Vaktiyle, memleketin birinde, romatizma hastalarının sayısı artmaya başlar. Hastalığı iyileştirecek ihlaslı hekimlerin sayısı ise bir hayli azdır. Hastalar ağrılarını dindirmek için şu çareyi bulurlar:
Hastalar, boğazlarına kadar çıkan pis ve mikrop dolu bir çamurlu suyun içine girmekte ve hiç hareket etmeden saatlerce bu pis suyun içerisinde kalmaktadırlar. Bu mikroplu su, romatizma hastalarının sancılarını kısa süreliğine dindirir dindirmesine, ama bu kere de mikrop yüzünden ülkede türlü hastalıklar baş gösterir.
Ancak romatizma hastaları suyun mikrobundan hiç şikâyetçi değildirler. Pisliğe itiraz etmesi lâzım gelirken aksine halinden gayet memnun olan hastaların tek itirazı şudur:
Havuza yeni bir hasta girdiği vakit, kirli su ağzına giren hastalar hep birlikte havuzun yeni üyesine şöyle söylemektedir: “Hişşş, dalgalandırma…”
Bugünkü köşe yazımız rutubetli havalar hakkında olacak.
Türkiye gerçekten çok zor günlerden geçiyor. İktidarın, dün “güçlendirilmiş parlamenter sistem” etiketini yapıştırdığı ambalajın içinden bugün “güçlendirilmiş tek adam rejimi” ürünü çıktı.
“Var mı bana yan bakan” naralarıyla ortalıkta gezen iktidar, bu günlerde; gazeteci, siyasî lider, rütbeli demeden bulduğunu içeri tıkıyor.
“Biz iktidarın kutusundan bunların çıkacağını zaten biliyorduk” diyen akl-ı selim, “Bu hukuksuzluklara neden kimsenin sesi çıkmıyor” sorusunun cevabını arıyor.
Elbette herkesin ilk aklına gelen seçenek, korku damarının işletilmesi.
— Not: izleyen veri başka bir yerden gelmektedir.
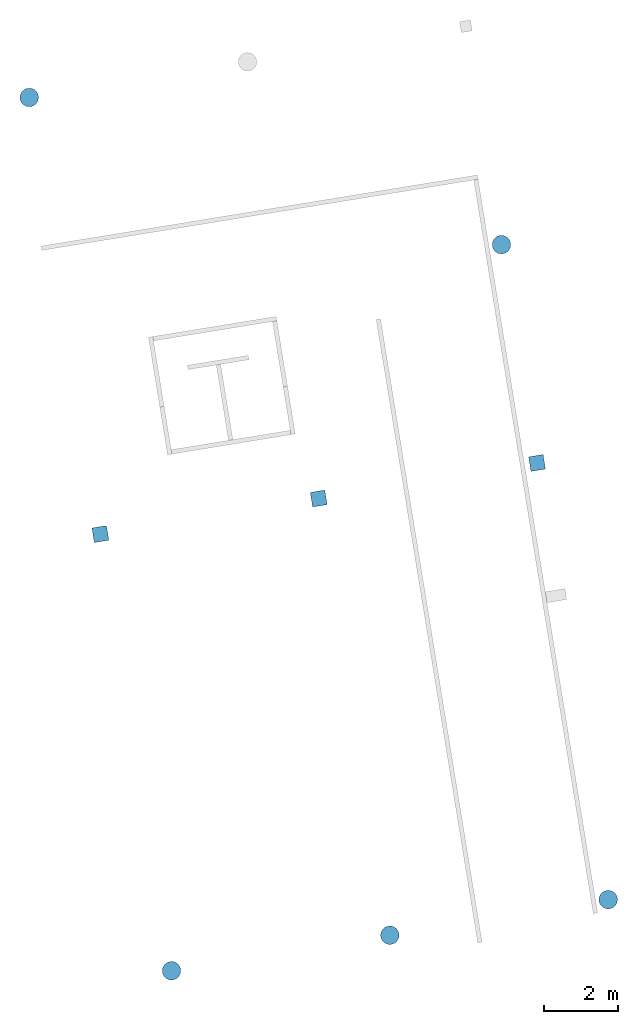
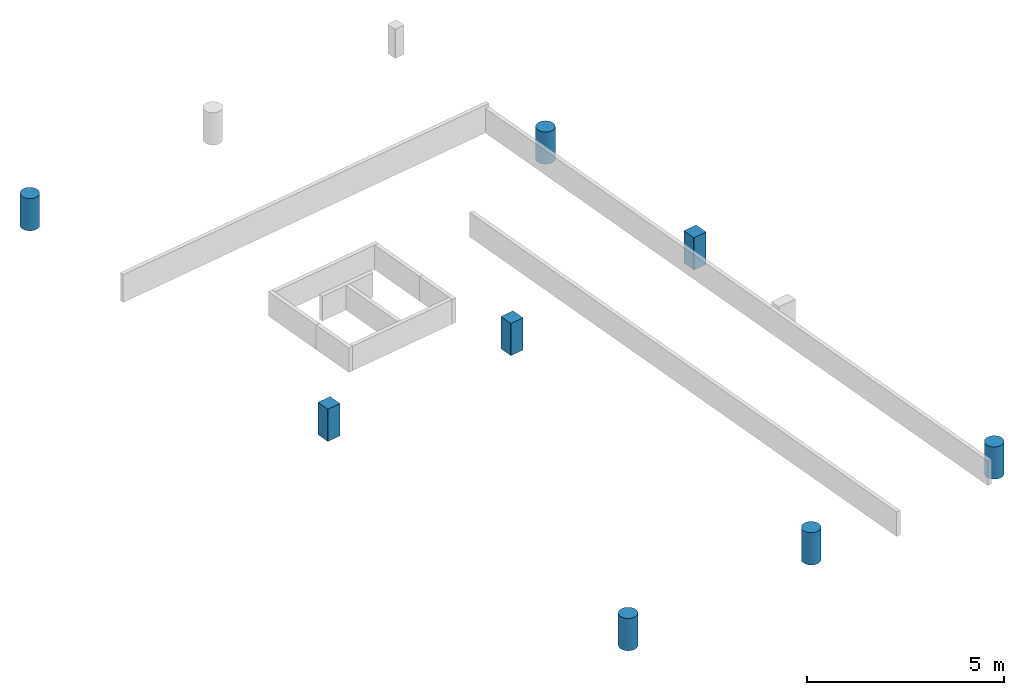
# One storey, part 1 of 2: 8 columns.
"""IFC2X3 building model written with IfcOpenShell, lengths in millimetres."""

from ifc_helpers import new_model, entity, si_unit, converted_unit, derived_unit, direction, frame, origin, origin_with_axes, place, context, subcontext, project, spatial, faceted_brep, material, type_object, element, save


model = new_model("IFC2X3")

# Units and contexts
model_context = context("Model", 3, precision=0.01, world=origin(), true_north=direction((6.12323399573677e-17, 1.0)))
plan_context = context("Plan", 3, precision=1e-05, world=origin_with_axes())
body_context = subcontext(model_context, "Body", "Model", "MODEL_VIEW")
ifc_project = project(units=[converted_unit("PLANEANGLEUNIT", "DEGREE", entity("IfcPositiveLengthMeasure", 0.0174532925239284), si_unit("PLANEANGLEUNIT", "RADIAN"), dimensions=[0, 0, 0, 0, 0, 0, 0]), si_unit("AREAUNIT", "SQUARE_METRE"), si_unit("LENGTHUNIT", "METRE", prefix="MILLI"), si_unit("MASSUNIT", "GRAM", prefix="KILO"), si_unit("POWERUNIT", "WATT"), si_unit("PRESSUREUNIT", "PASCAL", prefix="KILO"), si_unit("FORCEUNIT", "NEWTON", prefix="KILO"), si_unit("ELECTRICVOLTAGEUNIT", "VOLT"), si_unit("ELECTRICCURRENTUNIT", "AMPERE"), si_unit("THERMODYNAMICTEMPERATUREUNIT", "DEGREE_CELSIUS"), si_unit("TIMEUNIT", "SECOND"), si_unit("VOLUMEUNIT", "CUBIC_METRE"), derived_unit("LINEARVELOCITYUNIT", [(si_unit("LENGTHUNIT", "METRE"), 1), (si_unit("TIMEUNIT", "SECOND"), -1)]), derived_unit("VOLUMETRICFLOWRATEUNIT", [(si_unit("VOLUMEUNIT", "CUBIC_METRE"), 1), (si_unit("TIMEUNIT", "SECOND"), -1)]), derived_unit("THERMALTRANSMITTANCEUNIT", [(si_unit("POWERUNIT", "WATT"), 1), (si_unit("THERMODYNAMICTEMPERATUREUNIT", "KELVIN"), -1), (si_unit("AREAUNIT", "SQUARE_METRE"), -1)]), derived_unit("SOUNDPRESSUREUNIT", [(si_unit("PRESSUREUNIT", "PASCAL"), 1)])], contexts=[model_context, plan_context])

# Site, building, storey
site_placement = place(None, frame((-305029.896016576, -232111.759730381, 0.0), z_axis=(0.0, 0.0, 1.0), x_axis=(-0.160806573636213, 0.986985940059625, 0.0)))
site = spatial("IfcSite", under=ifc_project, at=site_placement, Name="Default", CompositionType="ELEMENT")
building_placement = place(site_placement, frame((0.0, 0.0, 0.0), z_axis=(0.0, 0.0, 1.0), x_axis=(1.0, -2.77555756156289e-17, 0.0)))
building = spatial("IfcBuilding", under=site, at=building_placement, Name="br001-a-200-1-0001", CompositionType="ELEMENT")
storey_placement = place(building_placement, frame((0.0, 0.0, 51360.0000000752), z_axis=(0.0, 0.0, 1.0), x_axis=(1.0, -2.77555756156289e-17, 0.0)))
storey = spatial("IfcBuildingStorey", under=building, at=storey_placement, Name="H01-Nivå D+0,36", CompositionType="ELEMENT", Elevation=51360.0000000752)

# Columns
ifc_material = material(Name="_NSW Betong")
column_type_1 = type_object("IfcColumnType", Name="NSW Søyle - Betong rund:ø500 mm", PredefinedType="COLUMN", material=ifc_material)
column_1_placement = place(storey_placement, frame((1196678.59858442, -722766.378367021, -51360.0000000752), z_axis=(0.0, 0.0, 1.0), x_axis=(1.0, -2.77555756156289e-17, 0.0)))
element("IfcColumn", 1, at=column_1_placement, inside=storey, type_object=column_type_1, Name="NSW Søyle - Betong rund:ø500 mm", ObjectType="NSW Søyle - Betong rund:ø500 mm", context=body_context, shape_type="Brep", body=[
    faceted_brep([(249.999999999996, -3.94377568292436e-13, 54500.0), (246.201938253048, -43.4120444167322, 54500.0), (246.201938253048, -43.4120444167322, 55500.0), (249.999999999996, -3.94377568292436e-13, 55500.0), (246.201938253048, 43.4120444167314, 54500.0), (246.201938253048, 43.4120444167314, 55500.0), (234.923155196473, 85.5050358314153, 54500.0), (234.923155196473, 85.5050358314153, 55500.0), (216.506350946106, 124.999999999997, 54500.0), (216.506350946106, 124.999999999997, 55500.0), (191.511110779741, 160.696902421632, 54500.0), (191.511110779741, 160.696902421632, 55500.0), (160.696902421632, 191.511110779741, 54500.0), (160.696902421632, 191.511110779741, 55500.0), (124.999999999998, 216.506350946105, 54500.0), (124.999999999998, 216.506350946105, 55500.0), (85.5050358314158, 234.923155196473, 54500.0), (85.5050358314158, 234.923155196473, 55500.0), (43.4120444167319, 246.201938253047, 54500.0), (43.4120444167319, 246.201938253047, 55500.0), (6.17269247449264e-14, 249.999999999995, 54500.0), (6.17269247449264e-14, 249.999999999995, 55500.0), (-43.4120444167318, 246.201938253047, 54500.0), (-43.4120444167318, 246.201938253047, 55500.0), (-85.5050358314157, 234.923155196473, 54500.0), (-85.5050358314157, 234.923155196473, 55500.0), (-124.999999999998, 216.506350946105, 54500.0), (-124.999999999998, 216.506350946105, 55500.0), (-160.696902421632, 191.511110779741, 54500.0), (-160.696902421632, 191.511110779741, 55500.0), (-191.511110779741, 160.696902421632, 54500.0), (-191.511110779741, 160.696902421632, 55500.0), (-216.506350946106, 124.999999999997, 54500.0), (-216.506350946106, 124.999999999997, 55500.0), (-234.923155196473, 85.5050358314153, 54500.0), (-234.923155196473, 85.5050358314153, 55500.0), (-246.201938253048, 43.4120444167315, 54500.0), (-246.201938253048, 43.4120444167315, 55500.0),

Biz, yüz kişiye sorulup da beş popüler cevabın arasında yer almayan cevapların peşindeyiz.
Popüler olmayan cevaplardan biri “tamah.” Hikâyemizin romatizma hastalığı hükmünde olan tamah, tek adam rejiminde devlet nimetleri ile tatmin edilmeye çalışılıyor. Küçüğünden büyüğüne, bugün her gerçek ve tüzel kişinin devletten bir menfaati var.
Vergi borcunu sildiren, devletten ihale alan, kaçak yapısına ruhsat çıkartan, dul, engelli, yaşlı-bakım maaşı bağlanan, “Oğlum kızım bekçi, polis, hâkim-savcı olsun” diyen ve hakeza.
Burada kastedilen devlet nimetleri, hakkı olmadığı halde elde edilen türden olabileceği gibi aslında helâl olan ancak iktidarın “Bunları size bizden başkası vermez” korkutmasıyla dağıttığı türden de olabilir.
Gözünü hükümet kapısına dikmiş ve devlet nimetlerinden bir şekilde faydalanan her bir romatizma hastası, bugün iktidarın hatalarına itiraz etmiyor. Korktuğu için değil, belki, “menfaatim elimden gider” diye itiraz edemiyor.
Öyle anlaşılıyor ki, Yeni Asya’nın, sadece dinî cemaatlere değil, her vatandaşa “devletin zehirli balından” uzak durun nasihatini sık sık tekrar etmesi gerek.
Hal böyle olunca, gözünü hükümet kapısına dikmiş milyonlarcası, cebini düşünerek, “ya devlet başa, ya kuzgun ‘cash’e” diyor ve kesesindeki nakdi düşünerek, iktidarın çamurlu suyunda kımıldamadan oturuyor. Ta ki biri gelip suyu dalgalandırıp da kirli su kendi ağızlarına kaçana dek.
Romatizma hükmünde olan dünya nimetlerine tamah duygularını şimdilik -mikroplu da olsa- pis suyla tatmin edenlerin, çamurdan kaptığı türlü çeşitli hastalıklar giderek yayılıyor ve toplum iyice bozuluyor.
Birileri, “romatizma hastalarının sayısını arttırıyor” diyerek bu puslu havalara bayılsa da bizim bu rutubetli havaları dağıtmamız gerek.
Demokrasinin, (D) vitaminimizi tamamlayacağı güneşli günlere inşallah.